A short list of ones to look into, just to name a few:

Disco Elysium - 2019 - A _very_ weird RPG where you play an alchoholic
amnesiac detective and where your skills are more aspects of your personality
than abilities. The writing is so incredibly strange and wonderful that I'm
not sure quite how to describe it. Your own personality traits sometimes talk
and may try to convince you to be a socialist.

Outer Wilds - 2018 - A game about exploring a small simulated solar system for
the purpose of simply learning more about it. There's a lot to this game, but
because the entire purpose of the game is exploration and learning about the
world _everything_ is a spoiler so I won't say any more.

A Plague Tale: Innocence - 2019 - Stealth-focused fantasy/adventure game set
in the 1300s in France.

Undertale - 2015 - Another game that's hard to describe, don't be put off by
its look but it absolutely lives and dies by its story. Especially since there
are some very important gameplay elements that blend into the story.

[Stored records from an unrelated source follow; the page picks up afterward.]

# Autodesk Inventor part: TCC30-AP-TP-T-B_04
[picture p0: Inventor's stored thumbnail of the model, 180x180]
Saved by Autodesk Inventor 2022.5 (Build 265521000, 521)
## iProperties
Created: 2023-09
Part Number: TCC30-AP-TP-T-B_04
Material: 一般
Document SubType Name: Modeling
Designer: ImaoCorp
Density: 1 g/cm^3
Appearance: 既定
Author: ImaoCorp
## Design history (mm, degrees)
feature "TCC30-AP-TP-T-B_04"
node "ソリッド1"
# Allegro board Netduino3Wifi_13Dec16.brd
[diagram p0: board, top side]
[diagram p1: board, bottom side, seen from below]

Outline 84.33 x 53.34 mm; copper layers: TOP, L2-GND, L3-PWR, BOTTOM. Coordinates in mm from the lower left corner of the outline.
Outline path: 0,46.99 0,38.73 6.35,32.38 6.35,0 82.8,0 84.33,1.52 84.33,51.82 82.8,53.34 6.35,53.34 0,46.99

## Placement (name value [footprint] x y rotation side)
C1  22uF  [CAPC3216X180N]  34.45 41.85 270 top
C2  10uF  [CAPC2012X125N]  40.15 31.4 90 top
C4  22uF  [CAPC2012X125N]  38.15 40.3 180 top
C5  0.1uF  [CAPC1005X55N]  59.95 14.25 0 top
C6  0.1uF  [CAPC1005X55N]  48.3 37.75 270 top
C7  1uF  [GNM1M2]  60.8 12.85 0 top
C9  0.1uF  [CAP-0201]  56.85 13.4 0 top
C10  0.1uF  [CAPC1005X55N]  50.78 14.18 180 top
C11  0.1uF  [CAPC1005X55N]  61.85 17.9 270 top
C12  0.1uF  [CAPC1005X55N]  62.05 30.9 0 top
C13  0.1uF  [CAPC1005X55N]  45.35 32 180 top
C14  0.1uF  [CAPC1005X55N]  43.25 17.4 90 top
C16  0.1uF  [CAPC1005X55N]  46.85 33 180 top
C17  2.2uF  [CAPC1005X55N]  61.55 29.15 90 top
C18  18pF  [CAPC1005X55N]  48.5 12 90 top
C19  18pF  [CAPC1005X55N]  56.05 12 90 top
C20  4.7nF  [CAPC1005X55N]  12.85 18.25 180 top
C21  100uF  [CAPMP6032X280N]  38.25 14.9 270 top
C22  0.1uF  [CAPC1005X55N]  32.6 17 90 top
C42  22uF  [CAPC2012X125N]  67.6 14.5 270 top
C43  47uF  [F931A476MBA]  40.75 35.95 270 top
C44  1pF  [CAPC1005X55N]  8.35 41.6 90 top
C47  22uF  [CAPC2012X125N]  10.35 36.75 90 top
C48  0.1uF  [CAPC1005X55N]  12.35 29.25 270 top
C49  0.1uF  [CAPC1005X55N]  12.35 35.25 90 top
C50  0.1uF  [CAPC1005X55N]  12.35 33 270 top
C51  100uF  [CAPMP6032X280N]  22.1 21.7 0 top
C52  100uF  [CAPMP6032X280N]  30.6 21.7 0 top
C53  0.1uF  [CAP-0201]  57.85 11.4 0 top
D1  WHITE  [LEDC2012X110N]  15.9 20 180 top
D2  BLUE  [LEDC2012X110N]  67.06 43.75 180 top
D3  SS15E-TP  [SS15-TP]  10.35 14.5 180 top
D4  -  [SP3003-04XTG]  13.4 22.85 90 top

Mass Effect 1-3 - 2007-2012 - Even if ME3's ending is widely panned, the rest
of the series is absolutely story-focused and I figure I should mention some
true AAAs that are known for story.

NieR: Automata - 2017 - philosophical weirdness about androids and machines
wrapped up in a pretty good action game.

Bioshock 1-2/Infinite - 2007-2013 - Hard not to mention these in a thread
about writing and Deus Ex, seeing as this series also has roots going back to
Looking Glass, Thief, and System Shock.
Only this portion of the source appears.